CONNECTED PORE SYSTEMS OF SHALE CORE, CHEMICALLY-TREATED SHALE SAMPLES, AND BULK MINERALS

Nearly two decades of the American experience in shale hydrocarbon exploration and production point out a low total recovery of tight oil at 5 %–10 % and shale gas at 12 %–30 %. One of the key obstacles to the workable advance of shale resources, specifically the pore structure (connectivity and geometry) of the nanopores for storing and transporting hydrocarbons, is seldom examined, though the country is counting shale gas as a transition energy resources for shifting energy industry from dirty fuel to cleaner energy. For this study, we collected samples from a diverse of principal oil-gas producing shale formations (basin) in the US (Barnett, Bakken, Niobrara). These geologic formations have different geologic characteristics and ages (e.g., porosity, permeability, mineralogy, tortuosity, wettability). We examined those samples mineralogical composition, pore structure, imbibition, and wettability. We use the following set of complementary tests: X-ray diffraction, mercury intrusion capillary pressure (MICP), different fluid and tracer imbibition( n-decane, acetone, DI water and API brine) into primarily dry shale and wettability test with various liquids. One batch of samples we treated with water for seven days, and another with acetone for 4-5 hours to run for MICP analysis to examine the potential change on pore systems.
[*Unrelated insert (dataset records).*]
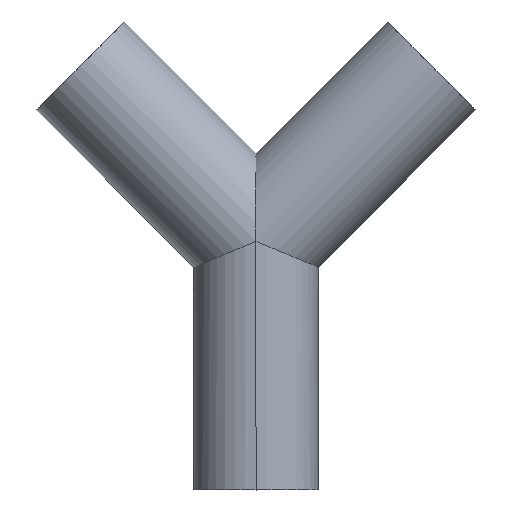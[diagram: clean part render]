
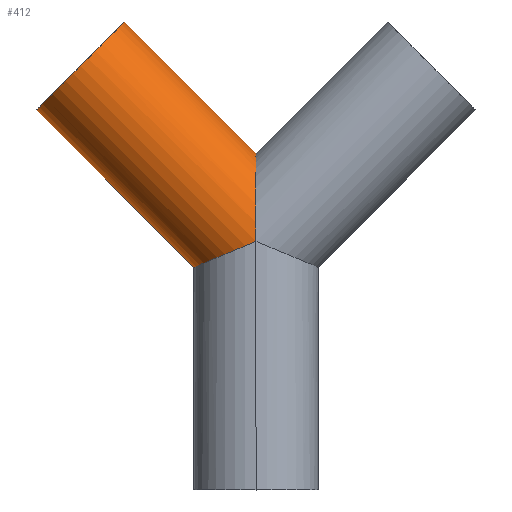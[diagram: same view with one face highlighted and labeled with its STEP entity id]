
A CAD part, top view. The second image highlights one B-rep face of the part: STEP entity #412.
In plain terms, the highlighted cylindrical face has radius 38.1 mm (diameter 76.2 mm), a partial arc.
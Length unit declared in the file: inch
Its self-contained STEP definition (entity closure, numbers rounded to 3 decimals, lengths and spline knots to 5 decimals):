
#10 = FACE_OUTER_BOUND ( 'NONE', #353, .T. ) ;
#26 = EDGE_CURVE ( 'NONE', #468, #478, #30, .T. ) ;
#30 = LINE ( 'NONE', #480, #174 ) ;
#31 = LINE ( 'NONE', #81, #285 ) ;
#32 = CARTESIAN_POINT ( 'NONE',  ( -4.24264, 10.24264, 0. ) ) ;
#33 = CARTESIAN_POINT ( 'NONE',  ( 0., 8.12132, 0.87868 ) ) ;
#35 = AXIS2_PLACEMENT_3D ( 'NONE', #242, #56, #44 ) ;
#43 = AXIS2_PLACEMENT_3D ( 'NONE', #32, #453, #160 ) ;
#44 = DIRECTION ( 'NONE',  ( -0.707, -0.707, 0. ) ) ;
#49 =( BOUNDED_CURVE ( )  B_SPLINE_CURVE ( 3, ( #73, #414, #223, #190 ),
 .UNSPECIFIED., .F., .T. ) 
 B_SPLINE_CURVE_WITH_KNOTS ( ( 4, 4 ),
 ( 4.71239, 6.28319 ),
 .UNSPECIFIED. ) 
 CURVE ( )  GEOMETRIC_REPRESENTATION_ITEM ( )  RATIONAL_B_SPLINE_CURVE ( ( 1., 0.805, 0.805, 1. ) ) 
 REPRESENTATION_ITEM ( '' )  );
#56 = DIRECTION ( 'NONE',  ( -0.707, 0.707, 0. ) ) ;
#62 = ORIENTED_EDGE ( 'NONE', *, *, #184, .T. ) ;
#64 = CIRCLE ( 'NONE', #43, 1.5 ) ;
#68 = ORIENTED_EDGE ( 'NONE', *, *, #294, .F. ) ;
#73 = CARTESIAN_POINT ( 'NONE',  ( 0., 6., 1.5 ) ) ;
#77 = CARTESIAN_POINT ( 'NONE',  ( -1.5, 5.37868, 0. ) ) ;
#81 = CARTESIAN_POINT ( 'NONE',  ( 1.06066, 7.06066, 0. ) ) ;
#92 = ORIENTED_EDGE ( 'NONE', *, *, #26, .F. ) ;
#95 = ORIENTED_EDGE ( 'NONE', *, *, #237, .F. ) ;
#108 = VERTEX_POINT ( 'NONE', #222 ) ;
#116 = CARTESIAN_POINT ( 'NONE',  ( -5.3033, 9.18198, 0. ) ) ;
#117 = CARTESIAN_POINT ( 'NONE',  ( 0., 6., 1.5 ) ) ;
#130 = CYLINDRICAL_SURFACE ( 'NONE', #35, 1.5 ) ;
#160 = DIRECTION ( 'NONE',  ( -0.707, -0.707, 0. ) ) ;
#174 = VECTOR ( 'NONE', #224, 39.37008 ) ;
#184 = EDGE_CURVE ( 'NONE', #289, #108, #31, .T. ) ;
#190 = CARTESIAN_POINT ( 'NONE',  ( -1.5, 5.37868, 0. ) ) ;
#192 = CARTESIAN_POINT ( 'NONE',  ( 0., 8.12132, 0. ) ) ;
#193 = EDGE_CURVE ( 'NONE', #200, #289, #283, .T. ) ;
#200 = VERTEX_POINT ( 'NONE', #117 ) ;
#222 = CARTESIAN_POINT ( 'NONE',  ( -3.18198, 11.3033, 0. ) ) ;
#223 = CARTESIAN_POINT ( 'NONE',  ( -1.5, 5.37868, 0.87868 ) ) ;
#224 = DIRECTION ( 'NONE',  ( -0.707, 0.707, 0. ) ) ;
#231 = CARTESIAN_POINT ( 'NONE',  ( 0., 6., 1.5 ) ) ;
#237 = EDGE_CURVE ( 'NONE', #200, #468, #49, .T. ) ;
#242 = CARTESIAN_POINT ( 'NONE',  ( 0., 6., 0. ) ) ;
#269 = CARTESIAN_POINT ( 'NONE',  ( 0., 8.12132, 0. ) ) ;
#283 =( BOUNDED_CURVE ( )  B_SPLINE_CURVE ( 3, ( #231, #377, #33, #192 ),
 .UNSPECIFIED., .F., .T. ) 
 B_SPLINE_CURVE_WITH_KNOTS ( ( 4, 4 ),
 ( 4.71239, 6.28319 ),
 .UNSPECIFIED. ) 
 CURVE ( )  GEOMETRIC_REPRESENTATION_ITEM ( )  RATIONAL_B_SPLINE_CURVE ( ( 1., 0.805, 0.805, 1. ) ) 
 REPRESENTATION_ITEM ( '' )  );
#285 = VECTOR ( 'NONE', #371, 39.37008 ) ;
#289 = VERTEX_POINT ( 'NONE', #269 ) ;
#294 = EDGE_CURVE ( 'NONE', #478, #108, #64, .T. ) ;
#353 = EDGE_LOOP ( 'NONE', ( #370, #62, #68, #92, #95 ) ) ;
#370 = ORIENTED_EDGE ( 'NONE', *, *, #193, .T. ) ;
#371 = DIRECTION ( 'NONE',  ( -0.707, 0.707, 0. ) ) ;
#377 = CARTESIAN_POINT ( 'NONE',  ( 0., 7.24264, 1.5 ) ) ;
#412 = ADVANCED_FACE ( 'NONE', ( #10 ), #130, .T. ) ;
#414 = CARTESIAN_POINT ( 'NONE',  ( -0.87868, 5.63604, 1.5 ) ) ;
#453 = DIRECTION ( 'NONE',  ( -0.707, 0.707, 0. ) ) ;
#468 = VERTEX_POINT ( 'NONE', #77 ) ;
#478 = VERTEX_POINT ( 'NONE', #116 ) ;
#480 = CARTESIAN_POINT ( 'NONE',  ( -1.06066, 4.93934, 0. ) ) ;

We also run common shale rock-forming bulk minerals (quartz, calcite, and feldspar) and clay minerals (illite, chlorite, montmorillonite, kaolinite), based on our XRD data, in MICP and examine how the pore structure results compare with the bulk shale rock samples. Overall results from the above correlation approaches will answer the distribution and evolution of connected pore systems, and its relationship to compositions of shales. This can bridge the gap between fluid behavior studies, pore structure and mineralogical composition of different shales, which in general affect the migration of hydrocarbon molecules from the shale matrix into the stimulated fractures for recovery.